# Documenting the Use of CBD Oil



## slc112071 (Apr 30, 2019)

Could you please give me your opinions on the documentation of the use of CBD oil in a physician's office note in Texas, where the use of Marijuana is illegal?  Should the physician stay neutral and not mention it at all, or document that the patient uses it?


----------



## mitchellde (Apr 30, 2019)

CBD oil and cannabis are two very different things.  CBD oil can be purchased in any state and distributed thru the mail system,. it is not illegal, it has no THC.   It is a naturopathic remedy.  The oil with the THC in it,  available only where cannabis is legal, is not marketed as CBD oil.


----------



## rachaelwilleford (Apr 30, 2019)

mitchellde said:


> CBD oil and cannabis are two very different things.  CBD oil can be purchased in any state and distributed thru the mail system,. it is not illegal, it has no THC.   It is a naturopathic remedy.  The oil with the THC in it,  available only where cannabis is legal, is not marketed as CBD oil.
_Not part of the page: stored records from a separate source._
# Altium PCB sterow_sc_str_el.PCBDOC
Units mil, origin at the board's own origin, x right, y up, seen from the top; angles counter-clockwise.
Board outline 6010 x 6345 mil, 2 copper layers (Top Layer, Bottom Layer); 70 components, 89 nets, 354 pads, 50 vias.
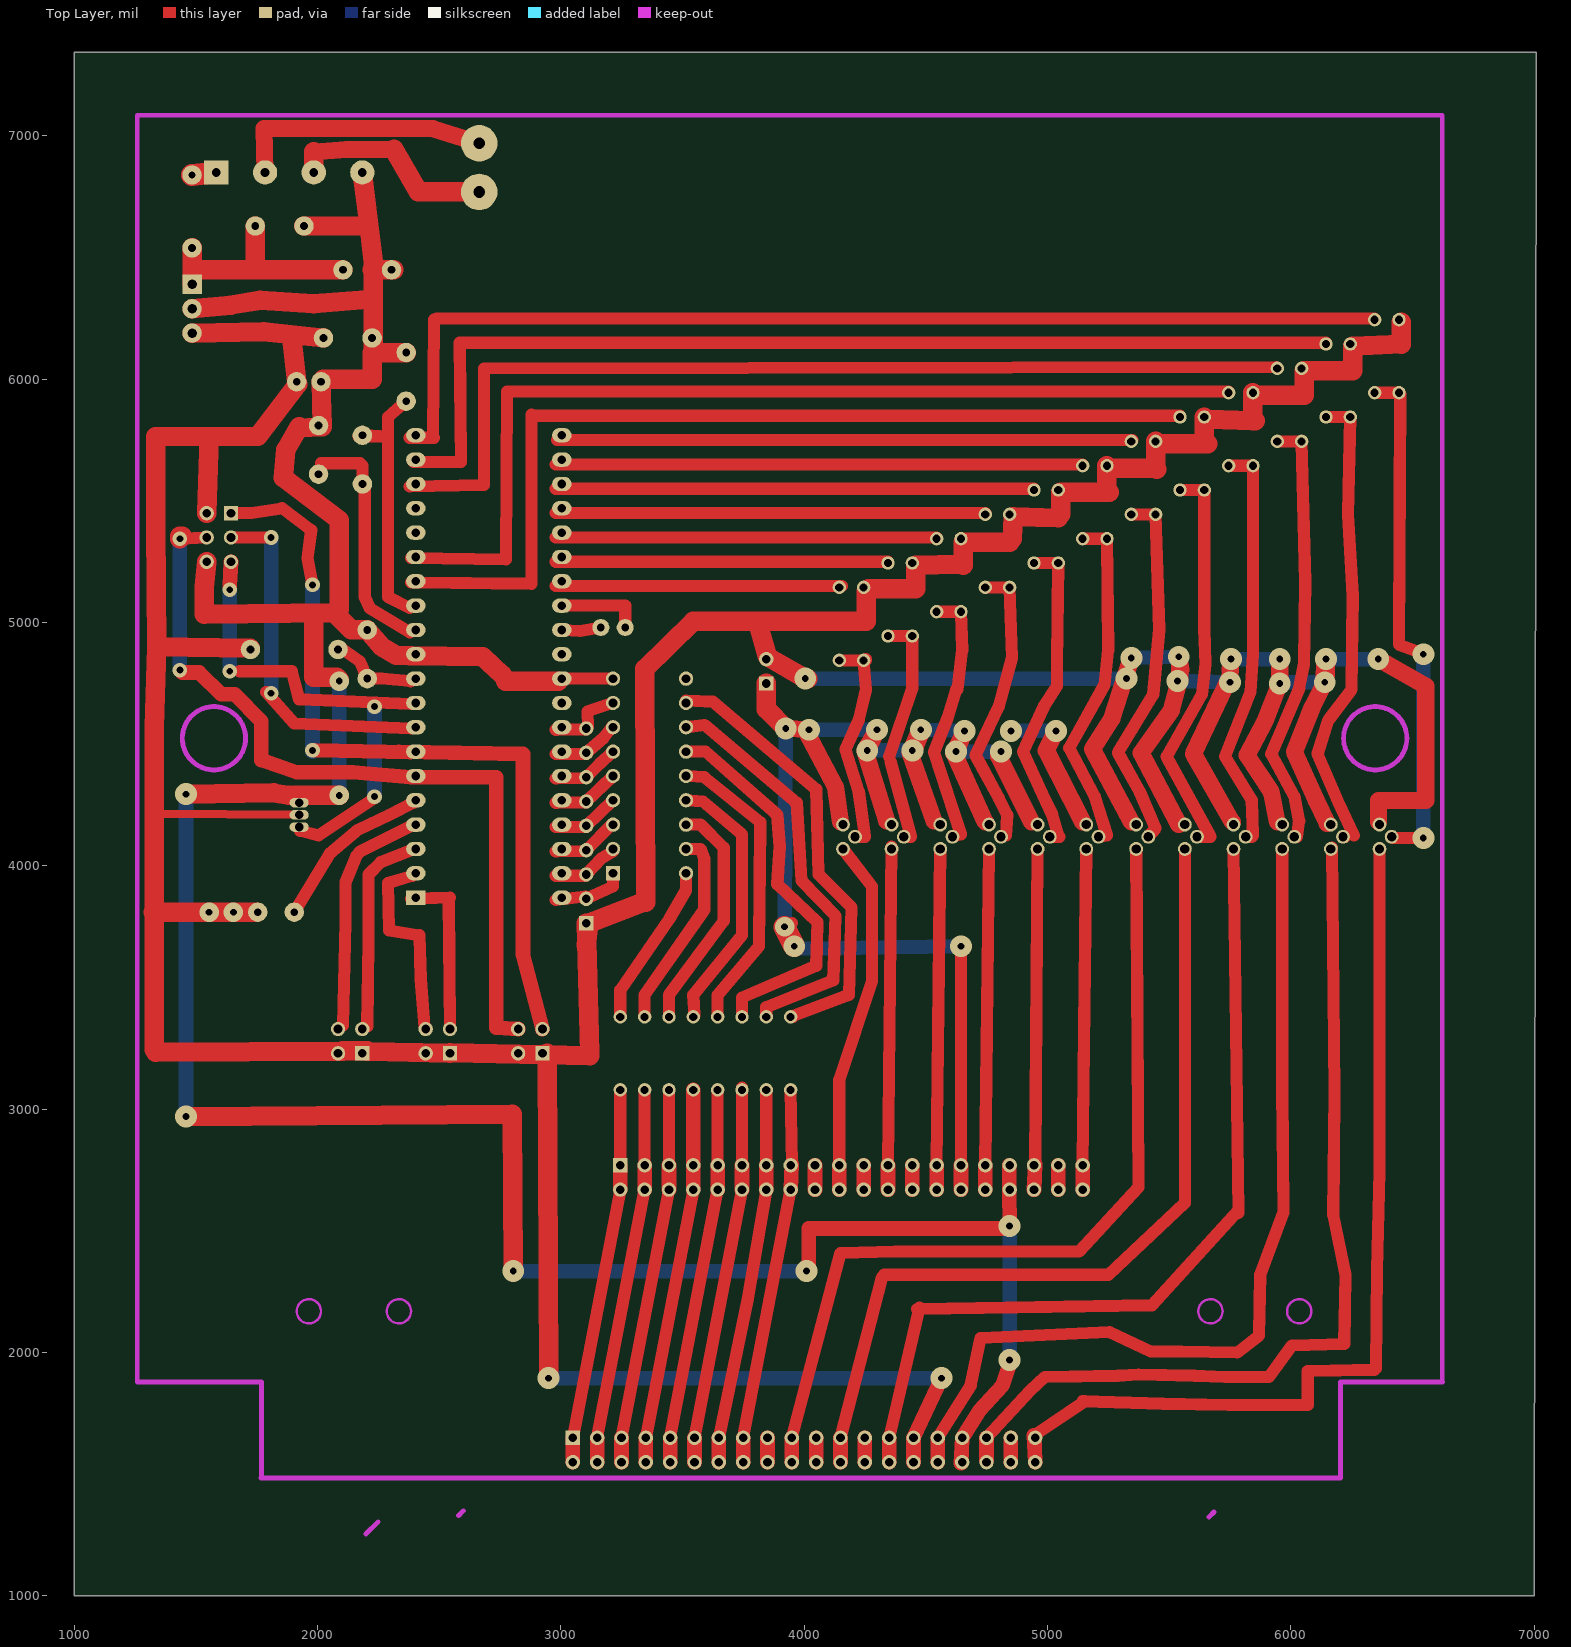
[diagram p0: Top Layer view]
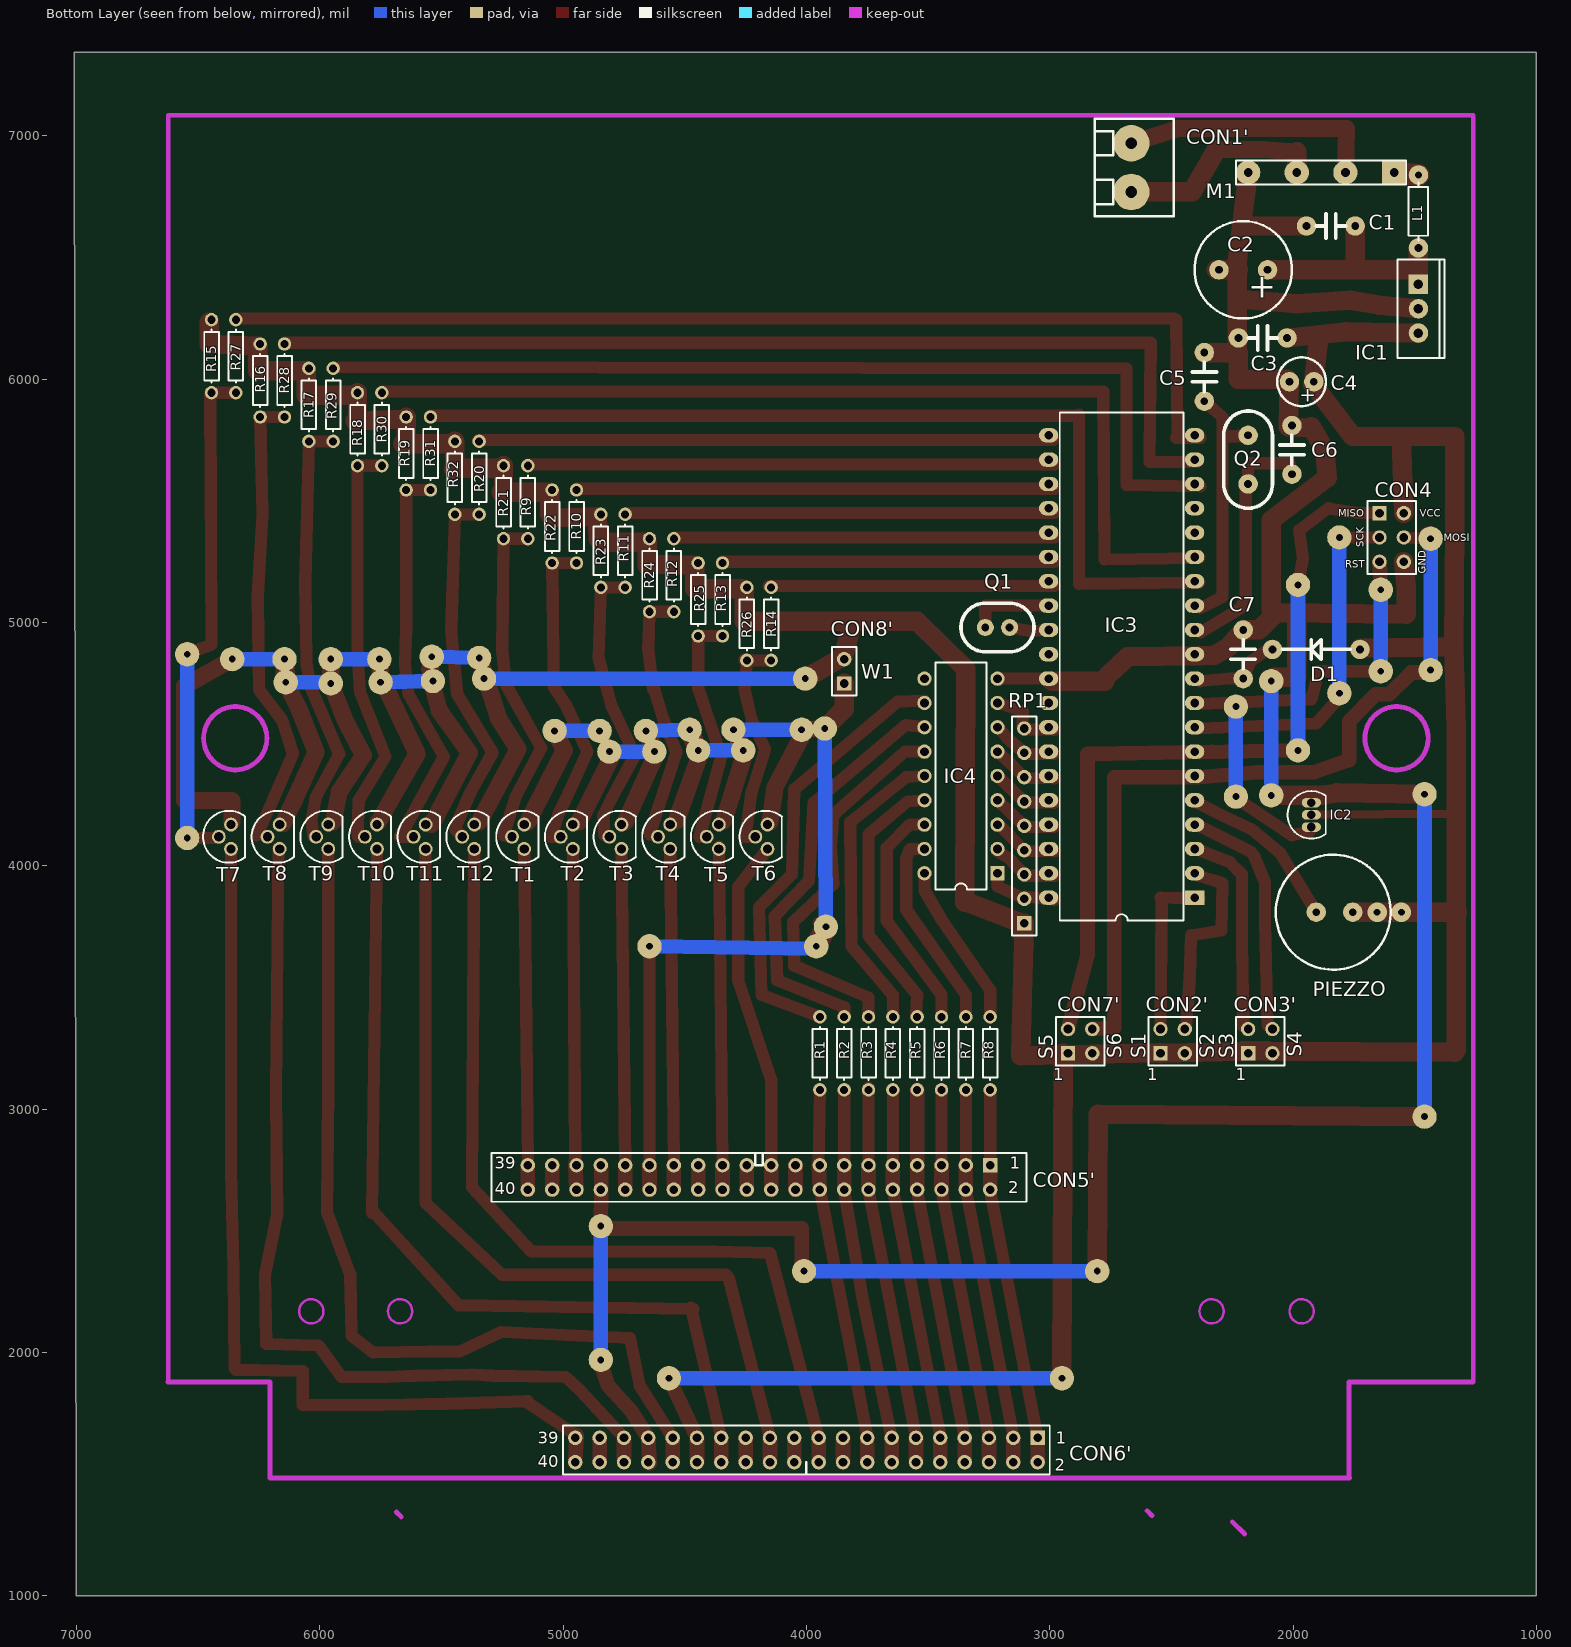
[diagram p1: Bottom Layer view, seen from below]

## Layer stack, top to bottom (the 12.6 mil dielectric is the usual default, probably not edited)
Top Layer: signal copper 1.4
Dielectric: dielectric 12.6, FR-4, Dk 4.8
Bottom Layer: signal copper 1.4

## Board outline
1000,1000 7000,1000 7010,7345 1000,7345

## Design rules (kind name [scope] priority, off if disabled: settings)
Clearance [All] p1: gap=10
ComponentClearance [All] p1: gap=1 collisioncheckmode=0
PolygonConnect [All] p1: connectstyle=Relief reliefconductorwidth=10 reliefentries=4 polygonreliefangle="90 Angle"
RoutingLayers [All] p1: top layer=Horizontal bottom layer=Vertical
RoutingVias [All] p1: holewidth=28 width=50 viastyle="Through Hole" minholewidth=28 minwidth=50 maxholewidth=28 maxwidth=50
SolderMaskExpansion [All] p1: expansion=4
TestPointUsage [All] p1: valid=0 allowmultiple=FALSE
Testpoint [All] p1: side=15 testpointundercomponent=TRUE minsize=40 maxsize=100 preferedsize=60 minholesize=0 maxholesize=40 preferedholesize=32 testpointgrid=1 style=1023 order=1234567890
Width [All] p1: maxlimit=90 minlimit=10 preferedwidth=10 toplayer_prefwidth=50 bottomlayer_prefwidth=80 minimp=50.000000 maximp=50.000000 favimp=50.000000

While it contains little or no THC, CBD oil is actually illegal in some states because hemp and hemp derived products is classified as marijuana.  Board of Pharmacy ruled CBD oil as an illegal substance in Louisiana, and there are some other states were the legality is refuted as well.  It's best to check state regulatory law in regards to this product.


----------



## mitchellde (May 1, 2019)

I understand what you are saying but CBD oil with THC is illegal in many states.. the is however CBD oil with no THC, and even in Missouri there are stores that sell CBD oil over the counter and it can be ordered over the internet and shipped anywhere.   The point being CBD oil is not cannabis/marijuana and therefore not coded as cannabis use.  It is a naturopathic remedy used by millions.  I would not give it second look, treat as you would any over the counter remedy.


----------



## lori mitchell (May 3, 2019)

Hi. I believe the original question was whether the physician should document the use. If the physician considers it potentially relevant to the patient's care, it would seem appropriate for the physician to document the use, regardless of whether it is legal or not in the given state. However, I would strongly encourage the physician to discuss this with his/her malpractice carrier and apply their guidance.


----------



## Pathos (May 3, 2019)

I have seen many medical records which includes the use of illegal substances (meth, cocaine, heroin), and last time I checked those drugs are still very much illegal. Since these substances will have some type of effect on the patient's overall health status, I would say the provider has an obligation to document the illegal drug abuse in the chart. Whether or not they should report this to law enforcement is a completely different discussion, however in terms of healthcare and proper/best practices documentation, the provider should always document anything that could have an effect on the medical management of their patient.


----------



## KellyLR (May 3, 2019)

*Responding to coder question concerning physician documentation of CBD oil use*

Hi,

I don't know what happened to the first post I posted but I will post again. CBD oil is derived from the marijuana plant. Doesn't matter if it it has THC in it or not when it comes to Texas. Marijuana plants and all products manufactured from it are technically illegal in this state. CBD manufacturers discreetly package their product and ship to the wholesalers in Texas and other states that still state marijuana is illegal. CBD is a cannabinoid of the marijuana plant. In Texas, this will be confiscated along with any other cannabis products when they enforce the law. The question was concerning if the provider should document the patient's use of CBD oil. *Yes, the provider can document patient use of this substance. I would advise the coder to check with the specific payer like Aetna to see what the payer guidelines have to say when reporting. * FYI, I currently code remotely for two hospital systems in TX. I also concur with Pathos and Lori's posts.


----------



## CodingKing (May 3, 2019)

There is no code for CBD oil use so why does it matter?


----------



## Pam Brooks (May 6, 2019)

KellyLR said:


> Hi,
> 
> I don't know what happened to the first post I posted but I will post again. CBD oil is derived from the marijuana plant. Doesn't matter if it it has THC in it or not when it comes to Texas. Marijuana plants and all products manufactured from it are technically illegal in this state. CBD manufacturers discreetly package their product and ship to the wholesalers in Texas and other states that still state marijuana is illegal. CBD is a cannabinoid of the marijuana plant. In Texas, this will be confiscated along with any other cannabis products when they enforce the law. The question was concerning if the provider should document the patient's use of CBD oil. *Yes, the provider can document patient use of this substance. I would advise the coder to check with the specific payer like Aetna to see what the payer guidelines have to say when reporting. * FYI, I currently code remotely for two hospital systems in TX. I also concur with Pathos and Lori's posts.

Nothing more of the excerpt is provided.